Please restate every line below exactly, without any pictures.

Top of Record extracts

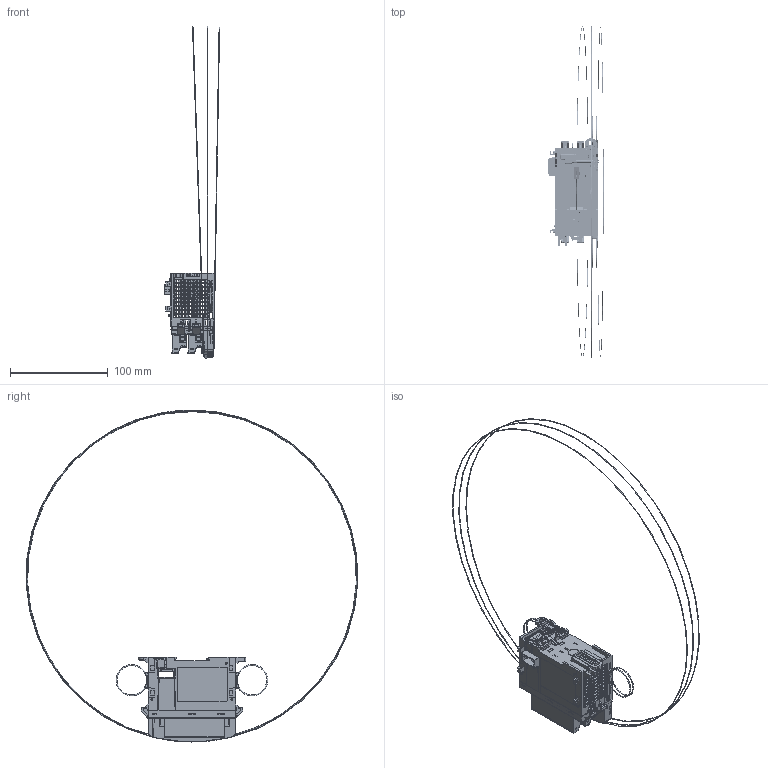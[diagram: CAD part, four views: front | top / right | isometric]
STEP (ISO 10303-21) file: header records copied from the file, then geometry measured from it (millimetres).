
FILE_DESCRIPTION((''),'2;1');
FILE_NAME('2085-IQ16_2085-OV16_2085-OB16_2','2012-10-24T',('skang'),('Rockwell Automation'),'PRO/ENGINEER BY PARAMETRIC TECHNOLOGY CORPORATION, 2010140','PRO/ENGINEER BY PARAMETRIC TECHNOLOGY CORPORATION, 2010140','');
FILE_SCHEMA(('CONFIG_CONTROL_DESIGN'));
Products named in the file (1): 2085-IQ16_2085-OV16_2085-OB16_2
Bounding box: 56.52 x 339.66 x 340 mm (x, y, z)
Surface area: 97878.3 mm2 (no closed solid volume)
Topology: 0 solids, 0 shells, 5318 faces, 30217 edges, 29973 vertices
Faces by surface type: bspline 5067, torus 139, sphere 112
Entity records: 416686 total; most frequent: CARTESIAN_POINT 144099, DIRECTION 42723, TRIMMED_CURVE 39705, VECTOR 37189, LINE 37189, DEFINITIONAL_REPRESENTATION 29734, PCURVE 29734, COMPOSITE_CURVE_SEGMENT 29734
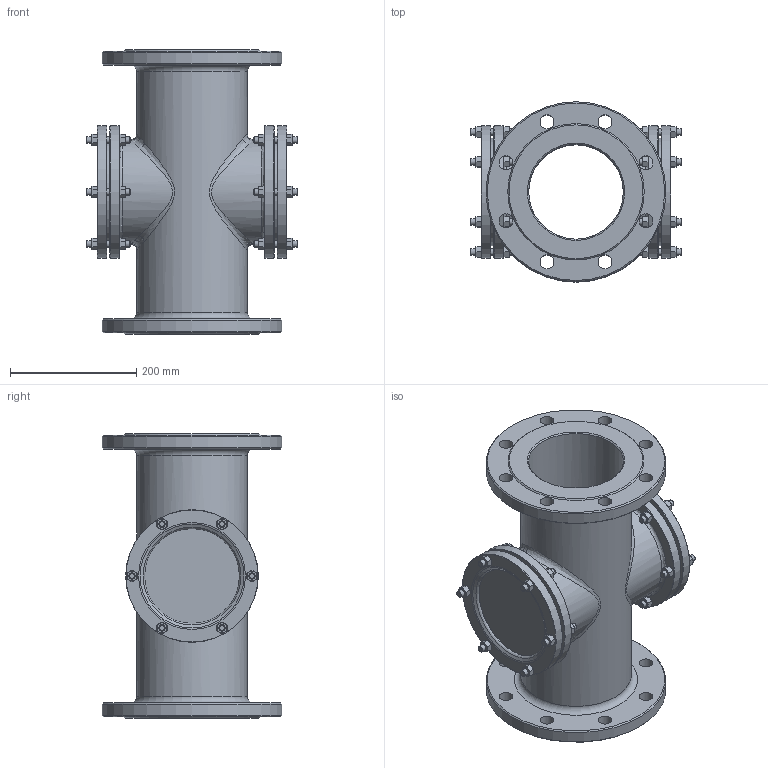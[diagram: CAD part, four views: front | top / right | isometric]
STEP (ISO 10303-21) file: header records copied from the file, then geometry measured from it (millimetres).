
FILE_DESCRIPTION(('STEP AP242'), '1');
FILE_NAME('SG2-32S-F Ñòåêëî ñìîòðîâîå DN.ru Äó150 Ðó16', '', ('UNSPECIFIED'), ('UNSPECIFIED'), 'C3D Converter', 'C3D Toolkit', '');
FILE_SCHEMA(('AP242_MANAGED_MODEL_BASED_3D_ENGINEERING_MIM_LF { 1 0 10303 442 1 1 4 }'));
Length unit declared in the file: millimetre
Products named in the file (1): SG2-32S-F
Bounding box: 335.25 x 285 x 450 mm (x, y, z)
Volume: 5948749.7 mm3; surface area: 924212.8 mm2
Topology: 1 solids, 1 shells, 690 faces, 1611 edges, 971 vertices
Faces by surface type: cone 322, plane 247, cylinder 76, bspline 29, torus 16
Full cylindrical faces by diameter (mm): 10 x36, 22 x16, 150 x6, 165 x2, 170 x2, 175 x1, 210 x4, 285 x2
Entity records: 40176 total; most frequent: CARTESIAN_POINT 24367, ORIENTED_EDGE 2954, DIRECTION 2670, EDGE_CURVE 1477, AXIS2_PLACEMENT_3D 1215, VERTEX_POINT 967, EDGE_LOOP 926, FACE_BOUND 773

Bottom of Record extracts

Result of the exercise:
[diagram: CAD part, four views: front | top / right | isometric]
STEP (ISO 10303-21) file: header records copied from the file, then geometry measured from it (millimetres).
FILE_DESCRIPTION((''),'2;1');
FILE_NAME('2085-IQ16_2085-OV16_2085-OB16_2','2012-10-24T',('skang'),('Rockwell Automation'),'PRO/ENGINEER BY PARAMETRIC TECHNOLOGY CORPORATION, 2010140','PRO/ENGINEER BY PARAMETRIC TECHNOLOGY CORPORATION, 2010140','');
FILE_SCHEMA(('CONFIG_CONTROL_DESIGN'));
Products named in the file (1): 2085-IQ16_2085-OV16_2085-OB16_2
Bounding box: 56.52 x 339.66 x 340 mm (x, y, z)
Surface area: 97878.3 mm2 (no closed solid volume)
Topology: 0 solids, 0 shells, 5318 faces, 30217 edges, 29973 vertices
Faces by surface type: bspline 5067, torus 139, sphere 112
Entity records: 416686 total; most frequent: CARTESIAN_POINT 144099, DIRECTION 42723, TRIMMED_CURVE 39705, VECTOR 37189, LINE 37189, DEFINITIONAL_REPRESENTATION 29734, PCURVE 29734, COMPOSITE_CURVE_SEGMENT 29734
[diagram: CAD part, four views: front | top / right | isometric]
STEP (ISO 10303-21) file: header records copied from the file, then geometry measured from it (millimetres).
FILE_DESCRIPTION(('STEP AP242'), '1');
FILE_NAME('SG2-32S-F Ñòåêëî ñìîòðîâîå DN.ru Äó150 Ðó16', '', ('UNSPECIFIED'), ('UNSPECIFIED'), 'C3D Converter', 'C3D Toolkit', '');
FILE_SCHEMA(('AP242_MANAGED_MODEL_BASED_3D_ENGINEERING_MIM_LF { 1 0 10303 442 1 1 4 }'));
Length unit declared in the file: millimetre
Products named in the file (1): SG2-32S-F
Bounding box: 335.25 x 285 x 450 mm (x, y, z)
Volume: 5948749.7 mm3; surface area: 924212.8 mm2
Topology: 1 solids, 1 shells, 690 faces, 1611 edges, 971 vertices
Faces by surface type: cone 322, plane 247, cylinder 76, bspline 29, torus 16
Full cylindrical faces by diameter (mm): 10 x36, 22 x16, 150 x6, 165 x2, 170 x2, 175 x1, 210 x4, 285 x2
Entity records: 40176 total; most frequent: CARTESIAN_POINT 24367, ORIENTED_EDGE 2954, DIRECTION 2670, EDGE_CURVE 1477, AXIS2_PLACEMENT_3D 1215, VERTEX_POINT 967, EDGE_LOOP 926, FACE_BOUND 773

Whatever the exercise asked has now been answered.